State Law Reporting Requirements
Every state in the United States has legislated reporting requirements related to child abuse and neglect. These requirements vary state by state, but all states have defined ‘mandatory reporters’; adults who are required by law to report suspected abuse or neglect. In some states, all adults are mandatory reporters. In others, specific professionals or individuals in child-serving positions are mandated to report abuse or neglect. Organizational management should research state reporting requirements in the areas it provides services, and train personnel to understand and apply relevant state reporting requirements.
Because all states have legislation protecting ‘good faith reports’ of abuse or neglect, it is always best for organizations providing services to children to err on the side of protecting the children they serve by reporting suspected abuse or neglect, whether mandated to do so or not.
Sexual Abuse Safety System
Many organizations are operating without an adequate system to reduce the risk of child sexual abuse. Unfortunately, many organizations serving children cannot effectively evaluate this risk, because sexual abuse is a risk its leadership and management personnel do not understand.

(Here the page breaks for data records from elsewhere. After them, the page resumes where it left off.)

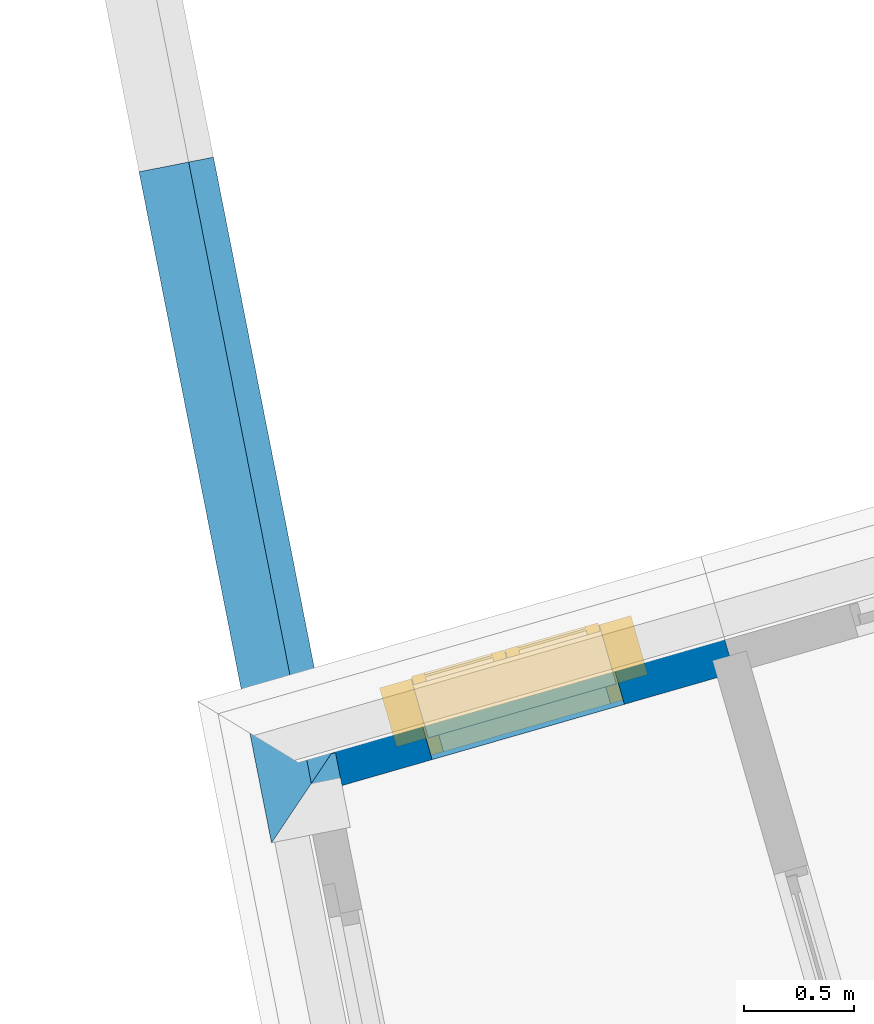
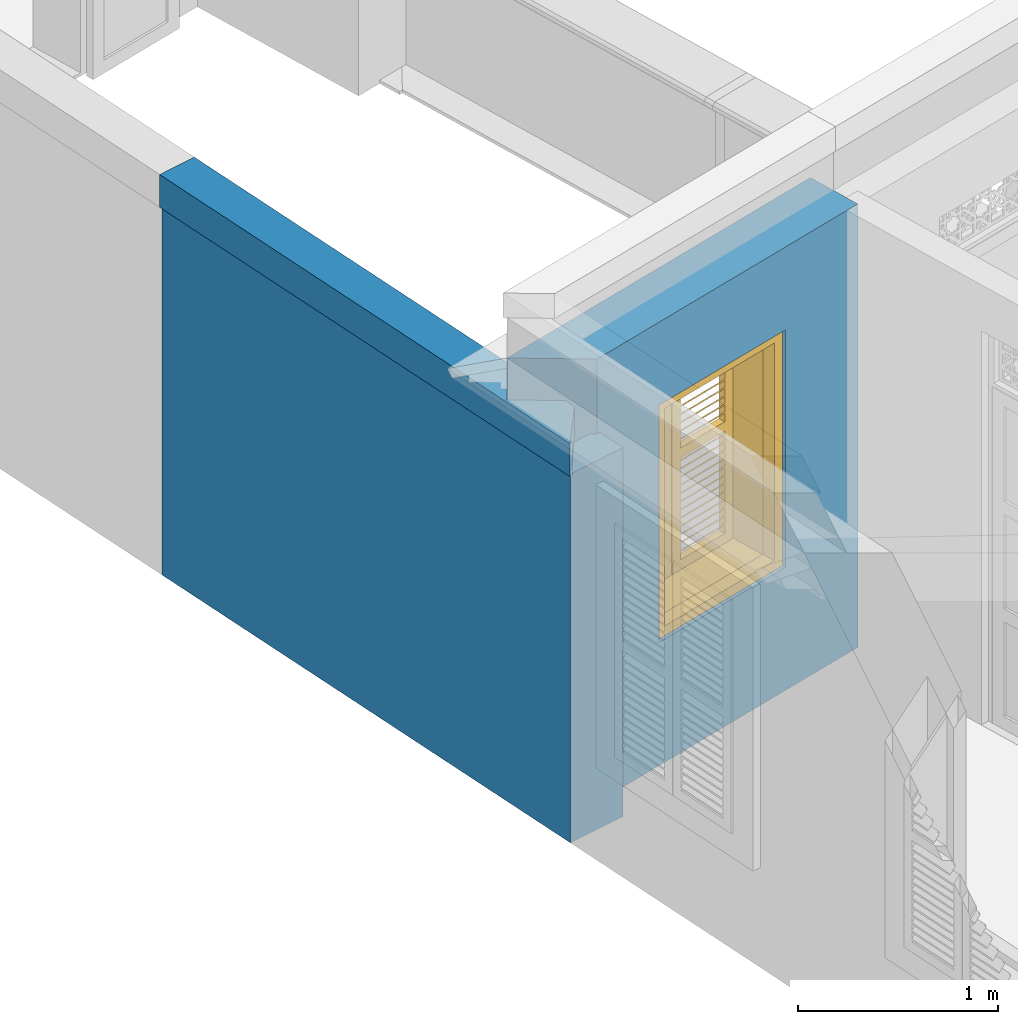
# One storey, part 6 of 22: 4 walls, 1 window, 1 opening.
"""IFC4 building model written with IfcOpenShell, lengths in metres."""

from ifc_helpers import new_model, si_unit, frame, origin, origin_with_axes, place, context, subcontext, project, spatial, polyline, outline, extrude, clip, halfspace, faceted_brep, source, transform, mapped, material, layer, layer_set, layer_usage, material_profile, profile_set, profile_usage, type_object, type_shapes, element, fill, save


model = new_model("IFC4")

# Units and contexts
model_context = context("Model", 3, world=origin_with_axes())
body_context = subcontext(model_context, "Body", "Model", "MODEL_VIEW")
ifc_project = project(units=[si_unit("PLANEANGLEUNIT", "RADIAN"), si_unit("MASSUNIT", "GRAM", prefix="KILO"), si_unit("FORCEUNIT", "NEWTON", prefix="KILO"), si_unit("LENGTHUNIT", "METRE"), si_unit("AREAUNIT", "SQUARE_METRE"), si_unit("VOLUMEUNIT", "CUBIC_METRE")], contexts=[model_context, model_context])

# Site, building, storey
site_placement = place(None, origin_with_axes())
site = spatial("IfcSite", under=ifc_project, at=site_placement, Name="Site plot-9", CompositionType="ELEMENT")
building_placement = place(None, origin_with_axes())
building = spatial("IfcBuilding", under=site, at=building_placement, Name="Building plot-9", CompositionType="ELEMENT")
storey_placement = place(None, frame((0.0, 0.0, 2.85), z_axis=(0.0, 0.0, 1.0), x_axis=(1.0, 0.0, 0.0)))
storey = spatial("IfcBuildingStorey", under=building, at=storey_placement, Name="plot-9 1", CompositionType="ELEMENT", Elevation=2.85)

# Wall, opening, window
ifc_material = material(Name="Masonry")
ifc_layer = layer(ifc_material, 0.33, ventilated=False)
ifc_layer_set = layer_set([ifc_layer], Name="exterior_0.08_0.25")
ifc_layer_usage = layer_usage(ifc_layer_set, "AXIS2", "POSITIVE", -0.25)
wall_type_1 = type_object("IfcWallType", Name="exterior_0.08_0.25", PredefinedType="SOLIDWALL", material=ifc_layer_set)
wall_1_placement = place(storey_placement, frame((-19.1982020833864, -1.94659193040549, 0.0), z_axis=(0.0, 0.0, 1.0), x_axis=(-0.961007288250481, -0.276523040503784, 0.0)))
wall_1 = element("IfcWall", 1, at=wall_1_placement, inside=storey, type_object=wall_type_1, material=ifc_layer_usage, Name="exterior", context=body_context, shape_type="SweptSolid", body=[
    extrude(outline(polyline([(-1.46957615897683e-17, 0.0800000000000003), (-2.03860451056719e-15, -0.25), (2.17943154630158, -0.250000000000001), (1.8764348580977, 0.0800000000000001), (-1.46957615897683e-17, 0.0800000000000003)])), origin_with_axes(), (0.0, 0.0, 1.0), 2.7),
])
opening_placement = place(wall_1_placement, frame((0.519944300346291, 0.0, 0.75)))
opening = element("IfcOpeningElement", 2, at=opening_placement, cuts=wall_1, Name="My Opening", ObjectType="Opening", context=body_context, shape_type="SweptSolid", body=[
    extrude(outline(polyline([(0.0, -0.27), (0.909999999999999, -0.270000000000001), (0.910000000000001, 1.1), (1.33226762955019e-15, 1.1), (0.0, -0.27)])), origin_with_axes(), (0.0, 0.0, 1.0), 1.445),
])
window_type = type_object("IfcWindowType", Name="shuttered_shorter", PartitioningType="DOUBLE_PANEL_HORIZONTAL", PredefinedType="NOTDEFINED")
shared_shape = source(origin(), body_context, "Body", "Brep", [
    faceted_brep([(0.393, 0.0, 0.622), (0.074, 0.0, 0.622), (0.074, 0.0, 0.632), (0.393, 0.0, 0.632), (0.074, -0.04, 0.592), (0.393, -0.04, 0.592), (0.393, -0.04, 0.582), (0.074, -0.04, 0.582), (0.517, 0.0, 0.682), (0.836, 0.0, 0.682), (0.836, 0.0, 0.672), (0.517, 0.0, 0.672), (0.517, -0.04, 0.642), (0.836, -0.04, 0.642), (0.836, -0.04, 0.632), (0.517, -0.04, 0.632), (0.517, 0.0, 0.632), (0.836, 0.0, 0.632), (0.836, 0.0, 0.622), (0.517, 0.0, 0.622), (0.517, -0.04, 0.592), (0.836, -0.04, 0.592), (0.836, -0.04, 0.582), (0.517, -0.04, 0.582), (0.517, 0.0, 0.232), (0.836, 0.0, 0.232), (0.836, 0.0, 0.222), (0.517, 0.0, 0.222), (0.517, -0.04, 0.192), (0.836, -0.04, 0.192), (0.836, -0.04, 0.182), (0.517, -0.04, 0.182), (0.517, 0.0, 0.532), (0.836, 0.0, 0.532), (0.836, 0.0, 0.522), (0.517, 0.0, 0.522), (0.517, -0.04, 0.492), (0.836, -0.04, 0.492), (0.836, -0.04, 0.482), (0.517, -0.04, 0.482), (0.517, 0.0, 0.482), (0.836, 0.0, 0.482), (0.836, 0.0, 0.472), (0.517, 0.0, 0.472), (0.517, -0.04, 0.442), (0.836, -0.04, 0.442), (0.836, -0.04, 0.432), (0.517, -0.04, 0.432), (0.517, 0.0, 0.582), (0.836, 0.0, 0.582), (0.836, 0.0, 0.572), (0.517, 0.0, 0.572), (0.517, -0.04, 0.542), (0.836, -0.04, 0.542), (0.836, -0.04, 0.532), (0.517, -0.04, 0.532), (0.517, 0.0, 0.182), (0.836, 0.0, 0.182), (0.836, 0.0, 0.172), (0.517, 0.0, 0.172), (0.517, -0.04, 0.142), (0.836, -0.04, 0.142), (0.836, -0.04, 0.132), (0.517, -0.04, 0.132), (0.517, 0.0, 0.382), (0.836, 0.0, 0.382), (0.836, 0.0, 0.372), (0.517, 0.0, 0.372), (0.517, -0.04, 0.342), (0.836, -0.04, 0.342), (0.836, -0.04, 0.332), (0.517, -0.04, 0.332), (0.517, 0.0, 0.432), (0.836, 0.0, 0.432), (0.836, 0.0, 0.422), (0.517, 0.0, 0.422), (0.517, -0.04, 0.392), (0.836, -0.04, 0.392), (0.836, -0.04, 0.382), (0.517, -0.04, 0.382), (0.517, 0.0, 0.132), (0.836, 0.0, 0.132), (0.836, 0.0, 0.122), (0.517, 0.0, 0.122), (0.517, -0.04, 0.092), (0.836, -0.04, 0.092), (0.836, -0.04, 0.082), (0.517, -0.04, 0.082), (0.517, 0.0, 0.282), (0.836, 0.0, 0.282), (0.836, 0.0, 0.272), (0.517, 0.0, 0.272), (0.517, -0.04, 0.242), (0.836, -0.04, 0.242), (0.836, -0.04, 0.232), (0.517, -0.04, 0.232), (0.517, 0.0, 0.332), (0.836, 0.0, 0.332), (0.836, 0.0, 0.322), (0.517, 0.0, 0.322), (0.517, -0.04, 0.292), (0.836, -0.04, 0.292), (0.836, -0.04, 0.282), (0.517, -0.04, 0.282), (0.517, 0.0, 1.362667), (0.836, 0.0, 1.362667), (0.836, 0.0, 1.352667), (0.517, 0.0, 1.352667), (0.517, -0.04, 1.322667), (0.836, -0.04, 1.322667), (0.836, -0.04, 1.312667), (0.517, -0.04, 1.312667), (0.517, 0.0, 1.312667), (0.836, 0.0, 1.312667), (0.836, 0.0, 1.302667), (0.517, 0.0, 1.302667), (0.517, -0.04, 1.272667), (0.836, -0.04, 1.272667), (0.836, -0.04, 1.262667), (0.517, -0.04, 1.262667), (0.517, 0.0, 0.912667), (0.836, 0.0, 0.912667), (0.836, 0.0, 0.902667), (0.517, 0.0, 0.902667), (0.517, -0.04, 0.872667), (0.836, -0.04, 0.872667), (0.836, -0.04, 0.862667), (0.517, -0.04, 0.862667), (0.517, 0.0, 1.212667), (0.836, 0.0, 1.212667), (0.836, 0.0, 1.202667), (0.517, 0.0, 1.202667), (0.517, -0.04, 1.172667), (0.836, -0.04, 1.172667), (0.836, -0.04, 1.162667), (0.517, -0.04, 1.162667), (0.517, 0.0, 1.162667), (0.836, 0.0, 1.162667), (0.836, 0.0, 1.152667), (0.517, 0.0, 1.152667), (0.517, -0.04, 1.122667), (0.836, -0.04, 1.122667), (0.836, -0.04, 1.112667), (0.517, -0.04, 1.112667), (0.517, 0.0, 1.262667), (0.836, 0.0, 1.262667), (0.836, 0.0, 1.252667), (0.517, 0.0, 1.252667), (0.517, -0.04, 1.222667), (0.836, -0.04, 1.222667), (0.836, -0.04, 1.212667), (0.517, -0.04, 1.212667), (0.517, 0.0, 0.862667), (0.836, 0.0, 0.862667), (0.836, 0.0, 0.852667), (0.517, 0.0, 0.852667), (0.517, -0.04, 0.822667), (0.836, -0.04, 0.822667), (0.836, -0.04, 0.812667), (0.517, -0.04, 0.812667), (0.517, 0.0, 1.062667), (0.836, 0.0, 1.062667), (0.836, 0.0, 1.052667), (0.517, 0.0, 1.052667), (0.517, -0.04, 1.022667), (0.836, -0.04, 1.022667), (0.836, -0.04, 1.012667), (0.517, -0.04, 1.012667), (0.517, 0.0, 1.112667), (0.836, 0.0, 1.112667), (0.836, 0.0, 1.102667), (0.517, 0.0, 1.102667), (0.517, -0.04, 1.072667), (0.836, -0.04, 1.072667), (0.836, -0.04, 1.062667), (0.517, -0.04, 1.062667), (0.517, 0.0, 0.812667), (0.836, 0.0, 0.812667), (0.836, 0.0, 0.802667), (0.517, 0.0, 0.802667), (0.517, -0.04, 0.772667), (0.836, -0.04, 0.772667), (0.836, -0.04, 0.762667), (0.517, -0.04, 0.762667), (0.517, 0.0, 0.962667), (0.836, 0.0, 0.962667), (0.836, 0.0, 0.952667), (0.517, 0.0, 0.952667), (0.517, -0.04, 0.922667), (0.836, -0.04, 0.922667), (0.836, -0.04, 0.912667), (0.517, -0.04, 0.912667), (0.517, 0.0, 1.012667), (0.836, 0.0, 1.012667), (0.836, 0.0, 1.002667), (0.517, 0.0, 1.002667), (0.517, -0.04, 0.972667), (0.836, -0.04, 0.972667), (0.836, -0.04, 0.962667), (0.517, -0.04, 0.962667), (0.074, 0.0, 0.682), (0.393, 0.0, 0.682), (0.393, 0.0, 0.672), (0.074, 0.0, 0.672), (0.074, -0.04, 0.642), (0.393, -0.04, 0.642), (0.393, -0.04, 0.632), (0.074, -0.04, 0.632), (0.074, 0.0, 0.232), (0.393, 0.0, 0.232), (0.393, 0.0, 0.222), (0.074, 0.0, 0.222), (0.074, -0.04, 0.192), (0.393, -0.04, 0.192), (0.393, -0.04, 0.182), (0.074, -0.04, 0.182), (0.074, 0.0, 0.532), (0.393, 0.0, 0.532), (0.393, 0.0, 0.522), (0.074, 0.0, 0.522), (0.074, -0.04, 0.492), (0.393, -0.04, 0.492), (0.393, -0.04, 0.482), (0.074, -0.04, 0.482), (0.074, 0.0, 0.482), (0.393, 0.0, 0.482), (0.393, 0.0, 0.472), (0.074, 0.0, 0.472), (0.074, -0.04, 0.442), (0.393, -0.04, 0.442), (0.393, -0.04, 0.432), (0.074, -0.04, 0.432), (0.074, 0.0, 0.582), (0.393, 0.0, 0.582), (0.393, 0.0, 0.572), (0.074, 0.0, 0.572), (0.074, -0.04, 0.542), (0.393, -0.04, 0.542), (0.393, -0.04, 0.532), (0.074, -0.04, 0.532), (0.074, 0.0, 0.182), (0.393, 0.0, 0.182), (0.393, 0.0, 0.172), (0.074, 0.0, 0.172), (0.074, -0.04, 0.142), (0.393, -0.04, 0.142), (0.393, -0.04, 0.132), (0.074, -0.04, 0.132), (0.074, 0.0, 0.382), (0.393, 0.0, 0.382), (0.393, 0.0, 0.372), (0.074, 0.0, 0.372), (0.074, -0.04, 0.342), (0.393, -0.04, 0.342), (0.393, -0.04, 0.332), (0.074, -0.04, 0.332), (0.074, 0.0, 0.432), (0.393, 0.0, 0.432), (0.393, 0.0, 0.422), (0.074, 0.0, 0.422), (0.074, -0.04, 0.392), (0.393, -0.04, 0.392), (0.393, -0.04, 0.382), (0.074, -0.04, 0.382), (0.074, 0.0, 0.132), (0.393, 0.0, 0.132), (0.393, 0.0, 0.122), (0.074, 0.0, 0.122), (0.074, -0.04, 0.092), (0.393, -0.04, 0.092), (0.393, -0.04, 0.082), (0.074, -0.04, 0.082), (0.074, 0.0, 0.282), (0.393, 0.0, 0.282), (0.393, 0.0, 0.272), (0.074, 0.0, 0.272), (0.074, -0.04, 0.242), (0.393, -0.04, 0.242), (0.393, -0.04, 0.232), (0.074, -0.04, 0.232), (0.074, 0.0, 0.332), (0.393, 0.0, 0.332), (0.393, 0.0, 0.322), (0.074, 0.0, 0.322), (0.074, -0.04, 0.292), (0.393, -0.04, 0.292), (0.393, -0.04, 0.282), (0.074, -0.04, 0.282), (0.074, 0.0, 1.362667), (0.393, 0.0, 1.362667), (0.393, 0.0, 1.352667), (0.074, 0.0, 1.352667), (0.074, -0.04, 1.322667), (0.393, -0.04, 1.322667), (0.393, -0.04, 1.312667), (0.074, -0.04, 1.312667), (0.074, 0.0, 1.312667), (0.393, 0.0, 1.312667), (0.393, 0.0, 1.302667), (0.074, 0.0, 1.302667), (0.074, -0.04, 1.272667), (0.393, -0.04, 1.272667), (0.393, -0.04, 1.262667), (0.074, -0.04, 1.262667), (0.074, 0.0, 0.912667), (0.393, 0.0, 0.912667), (0.393, 0.0, 0.902667), (0.074, 0.0, 0.902667), (0.074, -0.04, 0.872667), (0.393, -0.04, 0.872667), (0.393, -0.04, 0.862667), (0.074, -0.04, 0.862667), (0.074, 0.0, 1.212667), (0.393, 0.0, 1.212667), (0.393, 0.0, 1.202667), (0.074, 0.0, 1.202667), (0.074, -0.04, 1.172667), (0.393, -0.04, 1.172667), (0.393, -0.04, 1.162667), (0.074, -0.04, 1.162667), (0.074, 0.0, 1.162667), (0.393, 0.0, 1.162667), (0.393, 0.0, 1.152667), (0.074, 0.0, 1.152667), (0.074, -0.04, 1.122667), (0.393, -0.04, 1.122667), (0.393, -0.04, 1.112667), (0.074, -0.04, 1.112667), (0.074, 0.0, 1.262667), (0.393, 0.0, 1.262667), (0.393, 0.0, 1.252667), (0.074, 0.0, 1.252667), (0.074, -0.04, 1.222667), (0.393, -0.04, 1.222667), (0.393, -0.04, 1.212667), (0.074, -0.04, 1.212667), (0.074, 0.0, 0.862667), (0.393, 0.0, 0.862667), (0.393, 0.0, 0.852667), (0.074, 0.0, 0.852667), (0.074, -0.04, 0.822667), (0.393, -0.04, 0.822667), (0.393, -0.04, 0.812667), (0.074, -0.04, 0.812667), (0.074, 0.0, 1.062667), (0.393, 0.0, 1.062667), (0.393, 0.0, 1.052667), (0.074, 0.0, 1.052667), (0.074, -0.04, 1.022667), (0.393, -0.04, 1.022667), (0.393, -0.04, 1.012667), (0.074, -0.04, 1.012667), (0.074, 0.0, 1.112667), (0.393, 0.0, 1.112667), (0.393, 0.0, 1.102667), (0.074, 0.0, 1.102667), (0.074, -0.04, 1.072667), (0.393, -0.04, 1.072667), (0.393, -0.04, 1.062667), (0.074, -0.04, 1.062667), (0.074, 0.0, 0.812667), (0.393, 0.0, 0.812667), (0.393, 0.0, 0.802667), (0.074, 0.0, 0.802667), (0.074, -0.04, 0.772667), (0.393, -0.04, 0.772667), (0.393, -0.04, 0.762667), (0.074, -0.04, 0.762667), (0.074, 0.0, 0.962667), (0.393, 0.0, 0.962667), (0.393, 0.0, 0.952667), (0.074, 0.0, 0.952667), (0.074, -0.04, 0.922667), (0.393, -0.04, 0.922667), (0.393, -0.04, 0.912667), (0.074, -0.04, 0.912667), (0.074, 0.0, 1.012667), (0.393, 0.0, 1.012667), (0.393, 0.0, 1.002667), (0.074, 0.0, 1.002667), (0.074, -0.04, 0.972667), (0.393, -0.04, 0.972667), (0.393, -0.04, 0.962667), (0.074, -0.04, 0.962667), (0.517, -0.04, 0.072), (0.457, -0.04, 0.012), (0.896, -0.04, 0.012), (0.836, -0.04, 0.072), (0.457, -0.04, 0.692667), (0.517, -0.04, 0.692667), (0.457, 0.0, 0.012), (0.896, 0.0, 0.012), (0.836, -0.04, 0.692667), (0.896, -0.04, 0.692667), (0.836, 0.0, 0.072), (0.517, 0.0, 0.072), (0.457, 0.0, 0.692667), (0.517, 0.0, 0.692667), (0.517, -0.04, 0.752666), (0.457, -0.04, 0.752666), (0.896, 0.0, 0.692667), (0.836, 0.0, 0.692667), (0.836, -0.04, 0.752666), (0.896, -0.04, 0.752666), (0.457, 0.0, 0.752666), (0.457, -0.04, 1.433333), (0.517, -0.04, 1.373333), (0.896, 0.0, 0.752666), (0.836, -0.04, 1.373333), (0.896, -0.04, 1.433333), (0.457, 0.0, 1.433333), (0.517, 0.0, 0.752666), (0.836, 0.0, 0.752666), (0.517, 0.0, 1.373333), (0.896, 0.0, 1.433333), (0.836, 0.0, 1.373333), (0.074, -0.04, 0.072), (0.014, -0.04, 0.012), (0.453, -0.04, 0.012), (0.393, -0.04, 0.072), (0.014, -0.04, 0.692667), (0.074, -0.04, 0.692667), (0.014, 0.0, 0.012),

It’s impossible to prepare for a risk that you don’t understand.
Before a ‘Fire Drill’ has value, an effective SAFETY SYSTEM must be in place.
To assess SYSTEM effectiveness, these questions should be answered:
- What safety system is in place, and what are its specific components?
- What constitutes a ‘reasonable safety system’ for your program? (What is ‘enough’?)
- Does the SYSTEM include training components for staff members and volunteers?
- Does it include an effective screening process?
- Do staff members and employees know ‘what to do’ when an allegation is received?
Read an overview of the 5-Part Safety System.
The purpose of a ‘Sexual Abuse Fire Drill’ is to ensure an organization has appropriate insurance coverage and a sound safety plan – prior to a crisis. This Drill is also an important opportunity for an organization to communicate expectations to all involved, and determine necessary changes or improvements. In the midst of a crisis it is too late to prepare; the catastrophic event simply reveals whether a child-serving organization took reasonable steps to prepare for a foreseeable event – an allegation of sexual abuse.